Recorded data »

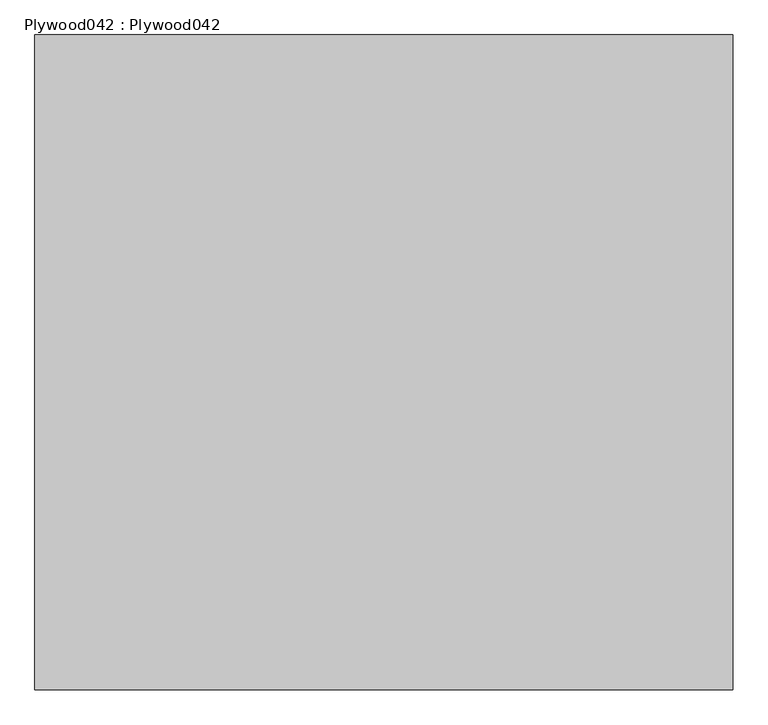
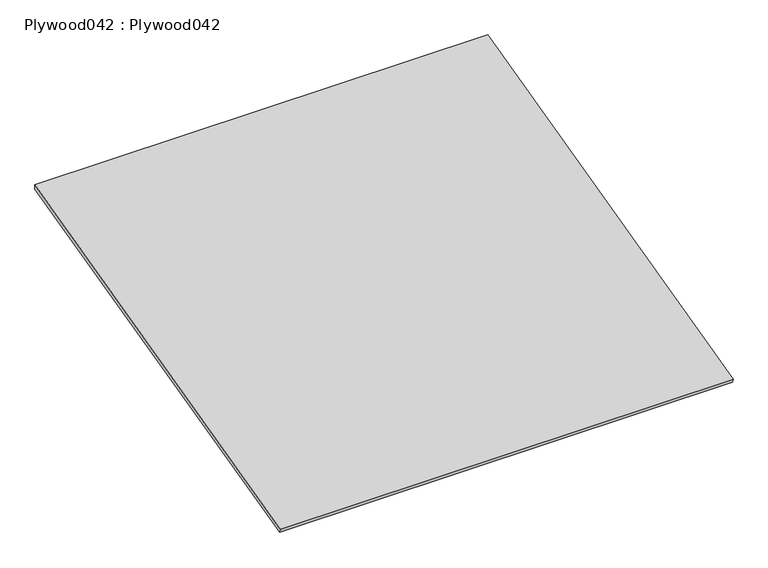
"""IFC4 building model written with IfcOpenShell, lengths in millimetres: proxy geometry, Plywood042 : Plywood042."""

import ifcopenshell
import ifcopenshell.guid

model = None  # the IFC model being written
_history = None  # IfcOwnerHistory: only IFC2X3 demands one
_inside = {}  # id of a spatial element -> (the spatial element, [elements in it])
_under = {}  # id of a project, library or spatial element -> (it, [spatial elements below it])
_declared = {}  # id of a project -> (the project, [libraries it declares])
_typed = {}  # id of a type object -> (the type object, [elements of that type])
_made_of = {}  # id of a material, layer set ... -> (it, [elements and type objects made of it])


def new_model(schema):
    """Start an empty IFC model of exactly this schema.

    Asked for "IFC4X3", IfcOpenShell would pick the latest addendum, in which some entities
    have other attributes; the version numbers below select the first issue.
    IFC2X3 requires an IfcOwnerHistory on every rooted entity: one is made here for all.
    """
    global model, _history
    if schema == "IFC4X3":
        model = ifcopenshell.file(schema_version=(4, 3, 0, 0))
    else:
        model = ifcopenshell.file(schema=schema)
    _inside.clear()
    _under.clear()
    _declared.clear()
    _typed.clear()
    _made_of.clear()
    _history = None
    if model.schema == "IFC2X3":
        org = make("IfcOrganization", Name="unknown")
        user = make(
            "IfcPersonAndOrganization",
            ThePerson=make("IfcPerson", FamilyName="unknown"),
            TheOrganization=org,
        )
        app = make(
            "IfcApplication",
            ApplicationDeveloper=org,
            Version="unknown",
            ApplicationFullName="unknown",
            ApplicationIdentifier="unknown",
        )
        _history = make(
            "IfcOwnerHistory",
            OwningUser=user,
            OwningApplication=app,
            ChangeAction="ADDED",
            CreationDate=0,
        )
    return model


def make(cls, **values):
    """One entity of the class cls with the attributes given. An attribute that is None is left unset."""
    return model.create_entity(
        cls, **{name: value for name, value in values.items() if value is not None}
    )


def rooted(cls, **values):
    """An entity with a GlobalId (a new one), such as an element, a storey or a relation."""
    return make(cls, GlobalId=ifcopenshell.guid.new(), OwnerHistory=_history, **values)


def si_unit(unit_type, name, prefix=None):
    """IfcSIUnit, for example si_unit("LENGTHUNIT", "METRE", prefix="MILLI")."""
    return make("IfcSIUnit", UnitType=unit_type, Prefix=prefix, Name=name)


def assignment(units):
    """IfcUnitAssignment: the units of a project."""
    return None if units is None else make("IfcUnitAssignment", Units=units)


def point(xyz):
    """IfcCartesianPoint."""
    return None if xyz is None else make("IfcCartesianPoint", Coordinates=xyz)


def direction(xyz):
    """IfcDirection."""
    return None if xyz is None else make("IfcDirection", DirectionRatios=xyz)


def frame(location, z_axis=None, x_axis=None):
    """IfcAxis2Placement3D, a coordinate frame: its origin and axes. An axis left out is left unset."""
    return make(
        "IfcAxis2Placement3D",
        Location=point(location),
        Axis=direction(z_axis),
        RefDirection=direction(x_axis),
    )


def origin():
    """The frame at (0, 0, 0) with its axes left unset."""
    return frame((0.0, 0.0, 0.0))


def place(relative_to, where):
    """IfcLocalPlacement: puts the frame where relative to a parent placement (None: the world)."""
    return make(
        "IfcLocalPlacement", PlacementRelTo=relative_to, RelativePlacement=where
    )


def context(
    kind, dimensions, precision=None, world=None, true_north=None, identifier=None
):
    """IfcGeometricRepresentationContext, for example the 3D "Model" context."""
    return make(
        "IfcGeometricRepresentationContext",
        ContextIdentifier=identifier,
        ContextType=kind,
        CoordinateSpaceDimension=dimensions,
        Precision=precision,
        WorldCoordinateSystem=world,
        TrueNorth=true_north,
    )


def project(units=None, contexts=None):
    """IfcProject with its units and contexts."""
    return rooted(
        "IfcProject",
        Name="project",
        RepresentationContexts=contexts,
        UnitsInContext=assignment(units),
    )


def spatial(cls, under=None, at=None, **own):
    """A site, building, storey or space (cls), placed at a placement, below another one or the project."""
    s = rooted(cls, ObjectPlacement=at, **own)
    if under is not None:
        _under.setdefault(under.id(), (under, []))[1].append(s)
    return s


def polyline(points):
    """IfcPolyline through the points."""
    return make("IfcPolyline", Points=[point(p) for p in points])


def outline(outer, holes=None, kind="AREA"):
    """IfcArbitraryClosedProfileDef: a profile drawn as a closed curve; with holes, ...WithVoids."""
    if holes is None:
        return make("IfcArbitraryClosedProfileDef", ProfileType=kind, OuterCurve=outer)
    return make(
        "IfcArbitraryProfileDefWithVoids",
        ProfileType=kind,
        OuterCurve=outer,
        InnerCurves=holes,
    )


def extrude(swept, where, along, depth):
    """IfcExtrudedAreaSolid: the profile swept, set in the frame where, extruded along a direction by depth."""
    return make(
        "IfcExtrudedAreaSolid",
        SweptArea=swept,
        Position=where,
        ExtrudedDirection=direction(along),
        Depth=depth,
    )


def shape(context_of_items, identifier, shape_type, items):
    """IfcShapeRepresentation: the items that make up one representation, for example the "Body"."""
    return make(
        "IfcShapeRepresentation",
        ContextOfItems=context_of_items,
        RepresentationIdentifier=identifier,
        RepresentationType=shape_type,
        Items=items,
    )


def source(mapping_origin, context_of_items, identifier, shape_type, items):
    """IfcRepresentationMap: a shape defined once, which mapped items show again and again."""
    return make(
        "IfcRepresentationMap",
        MappingOrigin=mapping_origin,
        MappedRepresentation=shape(context_of_items, identifier, shape_type, items),
    )


def transform(
    local_origin,
    x_axis=None,
    y_axis=None,
    z_axis=None,
    scale=None,
    scale2=None,
    scale3=None,
    uniform=True,
):
    """IfcCartesianTransformationOperator3D, or its non-uniform kind. x_axis, y_axis, z_axis: its Axis1, 2, 3."""
    if uniform:
        return make(
            "IfcCartesianTransformationOperator3D",
            Axis1=direction(x_axis),
            Axis2=direction(y_axis),
            LocalOrigin=point(local_origin),
            Scale=scale,
            Axis3=direction(z_axis),
        )
    return make(
        "IfcCartesianTransformationOperator3DnonUniform",
        Axis1=direction(x_axis),
        Axis2=direction(y_axis),
        LocalOrigin=point(local_origin),
        Scale=scale,
        Axis3=direction(z_axis),
        Scale2=scale2,
        Scale3=scale3,
    )


def mapped(mapping_source, mapping_target):
    """IfcMappedItem: shows the shape of a source again, moved by a transform."""
    return make(
        "IfcMappedItem", MappingSource=mapping_source, MappingTarget=mapping_target
    )


def made_of(thing, what):
    """Note that an element or type object is made of a material, layer set ...; save() writes the relation."""
    if what is not None:
        _made_of.setdefault(what.id(), (what, []))[1].append(thing)
    return thing


def element(
    cls,
    number,
    at=None,
    inside=None,
    cuts=None,
    type_object=None,
    material=None,
    context=None,
    identifier="Body",
    shape_type=None,
    held_by="IfcProductDefinitionShape",
    body=None,
    shapes=None,
    **own,
):
    """One element of the class cls, such as IfcWall. Its Tag is "e" and its number.

    at: its placement. inside: the storey or other place that contains it. cuts: it is an
    opening in that element (IfcRelVoidsElement). A single representation is given by context,
    identifier, shape_type and body (its items); several are given by shapes. held_by: the class
    of the entity that holds the representations. save() writes the other relations.
    """
    e = rooted(cls, Tag="e%d" % number, ObjectPlacement=at, **own)
    if body is not None:
        shapes = [shape(context, identifier, shape_type, body)]
    if shapes is not None:
        e.Representation = make(held_by, Representations=shapes)
    if inside is not None:
        _inside.setdefault(inside.id(), (inside, []))[1].append(e)
    if cuts is not None:
        rooted(
            "IfcRelVoidsElement", RelatingBuildingElement=cuts, RelatedOpeningElement=e
        )
    if type_object is not None:
        _typed.setdefault(type_object.id(), (type_object, []))[1].append(e)
    return made_of(e, material)


def aggregate(whole, parts):
    """IfcRelAggregates: a whole, such as a stair, and the parts it consists of."""
    return rooted("IfcRelAggregates", RelatingObject=whole, RelatedObjects=parts)


def save(model, path):
    """Write the relations noted so far, then the file.

    IfcRelAggregates (storeys below a building ...), IfcRelContainedInSpatialStructure (elements
    in a storey), IfcRelDefinesByType, IfcRelAssociatesMaterial and IfcRelDeclares: one each for
    every whole, place, type object, material and project.
    """
    for whole, parts in _under.values():
        aggregate(whole, parts)
    for where, things in _inside.values():
        rooted(
            "IfcRelContainedInSpatialStructure",
            RelatedElements=things,
            RelatingStructure=where,
        )
    for kind, things in _typed.values():
        rooted("IfcRelDefinesByType", RelatedObjects=things, RelatingType=kind)
    for what, things in _made_of.values():
        rooted("IfcRelAssociatesMaterial", RelatedObjects=things, RelatingMaterial=what)
    for by, libraries in _declared.values():
        rooted("IfcRelDeclares", RelatingContext=by, RelatedDefinitions=libraries)
    model.write(path)


def plywood042_plywood042_13f11387(model_context):
    return source(origin(), model_context, "Body", "SweptSolid", [
        extrude(outline(polyline([(-5217.6083572, 42802.4804791), (-5222.2286609, 42820.9616937), (-3345.9908907, 43290.0211362), (-3345.9908907, 43270.3848457), (-5217.6083572, 42802.4804791)])), frame((12383.0178845, 0.0, 0.0), z_axis=(1.0, 0.0, 0.0), x_axis=(0.0, 1.0, 0.0)), (0.0, 0.0, 1.0), 2000.0),
    ])


if __name__ == "__main__":
    model = new_model("IFC4")
    model_context = context("Model", 3, world=origin())
    ifc_project = project(units=[si_unit("LENGTHUNIT", "METRE", prefix="MILLI")], contexts=[model_context])
    site = spatial("IfcSite", under=ifc_project)
    building = spatial("IfcBuilding", under=site)
    placement = place(None, origin())
    plywood042_plywood042_shape = plywood042_plywood042_13f11387(model_context)
    element("IfcBuildingElementProxy", 1, Name="Plywood042 : Plywood042", ObjectType="Plywood042 : Plywood042", at=placement, inside=building, context=model_context, shape_type="MappedRepresentation", body=[
        mapped(plywood042_plywood042_shape, transform((0.0, 0.0, 0.0), x_axis=(1.0, 0.0, 0.0), y_axis=(0.0, 1.0, 0.0), z_axis=(0.0, 0.0, 1.0))),
    ])
    save(model, "model.ifc")

# Revit data of these elements
# Type "Plywood042 : Plywood042"
#   NameOverride = "Plywood042"
# Element 1 (IfcBuildingElementProxy, "Plywood042 : Plywood042")
#   Materials on its faces: "CDX PLYWOOD - SEE STRUCTURAL DWGS"
# Materials
#   "CDX PLYWOOD - SEE STRUCTURAL DWGS": class "Unassigned", colour RGB 177 130 114, transparency 0, Cost = 0
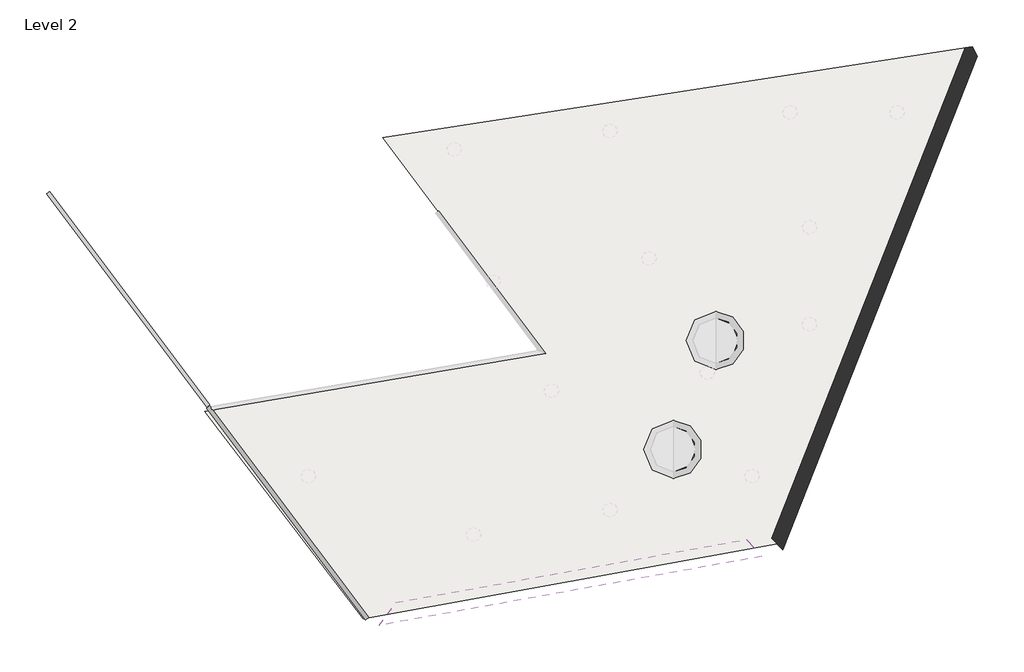
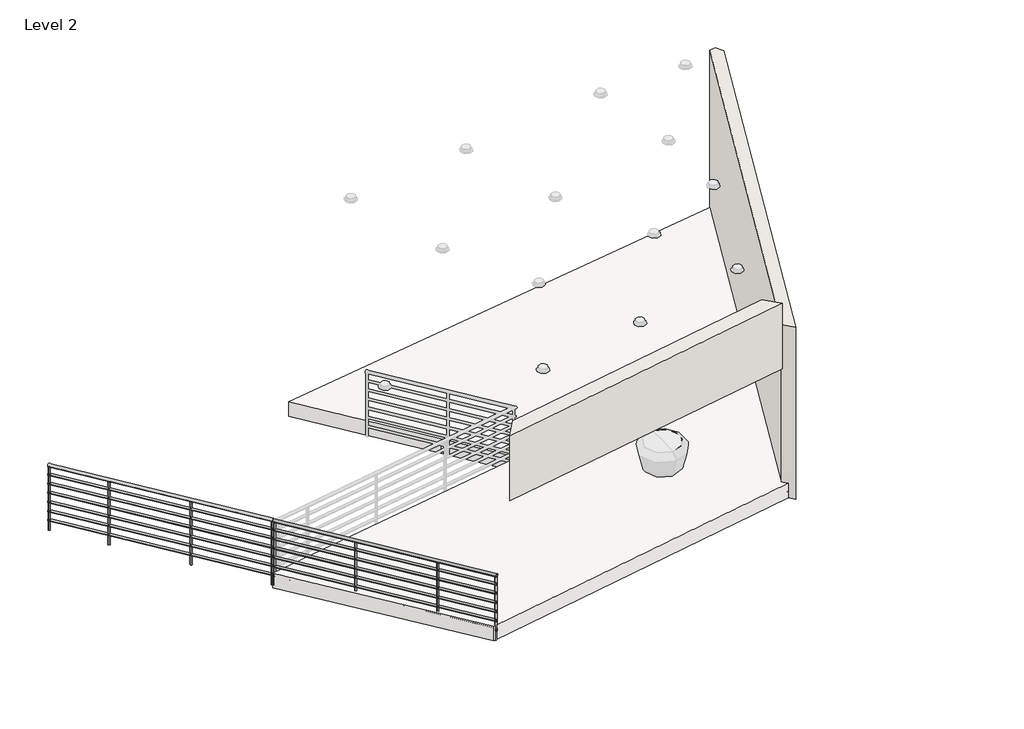
# One storey, part 1 of 2: 2 railings, 2 walls, 1 slab.
"""IFC4 building model written with IfcOpenShell, lengths in millimetres."""

from ifc_helpers import new_model, si_unit, point, frame, frame_2d, origin, place, context, project, spatial, polyline, circle_curve, trimmed, segment, composite_curve, outline, extrude, faceted_brep, element, save
from ifc_brep_helpers import plane_surface, revolved_surface, advanced_brep

model = new_model("IFC4")

# Units and contexts
model_context = context("Model", 3, world=origin())
ifc_project = project(units=[si_unit("LENGTHUNIT", "METRE", prefix="MILLI")], contexts=[model_context])

# Site, building, storey
site = spatial("IfcSite", under=ifc_project)
building = spatial("IfcBuilding", under=site)
storey = spatial("IfcBuildingStorey", under=building, Name="Level 2", Elevation=20000.0)

# Railings
placement = place(None, origin())
element("IfcRailing", 1, ObjectType="900mm Pipe", at=placement, inside=storey, context=model_context, shape_type="SweptSolid", body=[
    extrude(outline(composite_curve([segment(trimmed(circle_curve(frame_2d((0.0, 20.0)), 20.0), [point((-20.0, 20.0))], [point((20.0, 20.0))], False, "CARTESIAN"), True, "CONTINUOUS"), segment(trimmed(circle_curve(frame_2d((0.0, 20.0)), 20.0), [point((20.0, 20.0))], [point((-20.0, 20.0))], False, "CARTESIAN"), True, "CONTINUOUS")], self_intersect=False)), frame((80731.135292, 41327.5386845, 20900.0), z_axis=(-0.600141867985958, 0.7998935793531069, 0.0), x_axis=(0.7998935793531069, 0.600141867985958, 0.0)), (0.0, 0.0, 1.0), 2720.0),
    extrude(outline(composite_curve([segment(trimmed(circle_curve(frame_2d((0.0, 15.0)), 15.0), [point((15.0, 15.0))], [point((-15.0, 15.0))], False, "CARTESIAN"), True, "CONTINUOUS"), segment(trimmed(circle_curve(frame_2d((0.0, 15.0)), 15.0), [point((-15.0, 15.0))], [point((15.0, 15.0))], False, "CARTESIAN"), True, "CONTINUOUS")], self_intersect=False)), frame((80731.135292, 41327.5386845, 20775.0), z_axis=(-0.600141867985958, 0.7998935793531069, 0.0), x_axis=(0.7998935793531069, 0.600141867985958, 0.0)), (0.0, 0.0, 1.0), 2720.0),
    extrude(outline(composite_curve([segment(trimmed(circle_curve(frame_2d((0.0, 15.0)), 15.0), [point((15.0, 15.0))], [point((-15.0, 15.0))], False, "CARTESIAN"), True, "CONTINUOUS"), segment(trimmed(circle_curve(frame_2d((0.0, 15.0)), 15.0), [point((-15.0, 15.0))], [point((15.0, 15.0))], False, "CARTESIAN"), True, "CONTINUOUS")], self_intersect=False)), frame((80731.135292, 41327.5386845, 20650.0), z_axis=(-0.600141867985958, 0.7998935793531069, 0.0), x_axis=(0.7998935793531069, 0.600141867985958, 0.0)), (0.0, 0.0, 1.0), 2720.0),
    extrude(outline(composite_curve([segment(trimmed(circle_curve(frame_2d((0.0, 15.0)), 15.0), [point((15.0, 15.0))], [point((-15.0, 15.0))], False, "CARTESIAN"), True, "CONTINUOUS"), segment(trimmed(circle_curve(frame_2d((0.0, 15.0)), 15.0), [point((-15.0, 15.0))], [point((15.0, 15.0))], False, "CARTESIAN"), True, "CONTINUOUS")], self_intersect=False)), frame((80731.135292, 41327.5386845, 20525.0), z_axis=(-0.600141867985958, 0.7998935793531069, 0.0), x_axis=(0.7998935793531069, 0.600141867985958, 0.0)), (0.0, 0.0, 1.0), 2720.0),
    extrude(outline(composite_curve([segment(trimmed(circle_curve(frame_2d((0.0, 15.0)), 15.0), [point((15.0, 15.0))], [point((-15.0, 15.0))], False, "CARTESIAN"), True, "CONTINUOUS"), segment(trimmed(circle_curve(frame_2d((0.0, 15.0)), 15.0), [point((-15.0, 15.0))], [point((15.0, 15.0))], False, "CARTESIAN"), True, "CONTINUOUS")], self_intersect=False)), frame((80731.135292, 41327.5386845, 20400.0), z_axis=(-0.600141867985958, 0.7998935793531069, 0.0), x_axis=(0.7998935793531069, 0.600141867985958, 0.0)), (0.0, 0.0, 1.0), 2720.0),
    extrude(outline(composite_curve([segment(trimmed(circle_curve(frame_2d((0.0, 15.0)), 15.0), [point((15.0, 15.0))], [point((-15.0, 15.0))], False, "CARTESIAN"), True, "CONTINUOUS"), segment(trimmed(circle_curve(frame_2d((0.0, 15.0)), 15.0), [point((-15.0, 15.0))], [point((15.0, 15.0))], False, "CARTESIAN"), True, "CONTINUOUS")], self_intersect=False)), frame((80731.135292, 41327.5386845, 20275.0), z_axis=(-0.600141867985958, 0.7998935793531069, 0.0), x_axis=(0.7998935793531069, 0.600141867985958, 0.0)), (0.0, 0.0, 1.0), 2720.0),
    extrude(outline(composite_curve([segment(trimmed(circle_curve(frame_2d((0.0, 15.0)), 15.0), [point((15.0, 15.0))], [point((-15.0, 15.0))], False, "CARTESIAN"), True, "CONTINUOUS"), segment(trimmed(circle_curve(frame_2d((0.0, 15.0)), 15.0), [point((-15.0, 15.0))], [point((15.0, 15.0))], False, "CARTESIAN"), True, "CONTINUOUS")], self_intersect=False)), frame((80731.135292, 41327.5386845, 20150.0), z_axis=(-0.600141867985958, 0.7998935793531069, 0.0), x_axis=(0.7998935793531069, 0.600141867985958, 0.0)), (0.0, 0.0, 1.0), 2720.0),
    extrude(outline(composite_curve([segment(trimmed(circle_curve(frame_2d((80299.033147, 41903.4620616)), 12.5), [point((80309.0318168, 41910.963835))], [point((80289.0344773, 41895.9602883))], False, "CARTESIAN"), True, "CONTINUOUS"), segment(trimmed(circle_curve(frame_2d((80299.033147, 41903.4620616)), 12.5), [point((80289.0344773, 41895.9602883))], [point((80309.0318168, 41910.963835))], False, "CARTESIAN"), True, "CONTINUOUS")], self_intersect=False)), frame((0.0, 0.0, 20000.0), z_axis=(0.0, 0.0, 1.0), x_axis=(1.0, 0.0, 0.0)), (0.0, 0.0, 1.0), 860.0),
    extrude(outline(composite_curve([segment(trimmed(circle_curve(frame_2d((79698.8912791, 42703.355641)), 12.5), [point((79708.8899488, 42710.8574143))], [point((79688.8926093, 42695.8538676))], False, "CARTESIAN"), True, "CONTINUOUS"), segment(trimmed(circle_curve(frame_2d((79698.8912791, 42703.355641)), 12.5), [point((79688.8926093, 42695.8538676))], [point((79708.8899488, 42710.8574143))], False, "CARTESIAN"), True, "CONTINUOUS")], self_intersect=False)), frame((0.0, 0.0, 20000.0), z_axis=(0.0, 0.0, 1.0), x_axis=(1.0, 0.0, 0.0)), (0.0, 0.0, 1.0), 860.0),
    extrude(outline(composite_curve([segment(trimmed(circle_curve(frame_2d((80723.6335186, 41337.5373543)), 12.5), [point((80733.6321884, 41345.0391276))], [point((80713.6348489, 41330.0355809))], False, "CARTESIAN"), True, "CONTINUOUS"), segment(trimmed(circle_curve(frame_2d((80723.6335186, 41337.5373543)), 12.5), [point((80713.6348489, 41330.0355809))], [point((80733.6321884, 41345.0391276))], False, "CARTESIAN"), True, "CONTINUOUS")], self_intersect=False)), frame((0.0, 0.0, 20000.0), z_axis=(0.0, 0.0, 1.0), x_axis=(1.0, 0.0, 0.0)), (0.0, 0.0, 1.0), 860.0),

Action item » Print only the lines from the opening line of the listing to the line containing "[elements in it])", inclusive, exactly as they appear and without pictures.

Solved problem »
"""IFC4 building model written with IfcOpenShell, lengths in millimetres: proxy geometry, Plywood042 : Plywood042."""

import ifcopenshell
import ifcopenshell.guid

model = None  # the IFC model being written
_history = None  # IfcOwnerHistory: only IFC2X3 demands one
_inside = {}  # id of a spatial element -> (the spatial element, [elements in it])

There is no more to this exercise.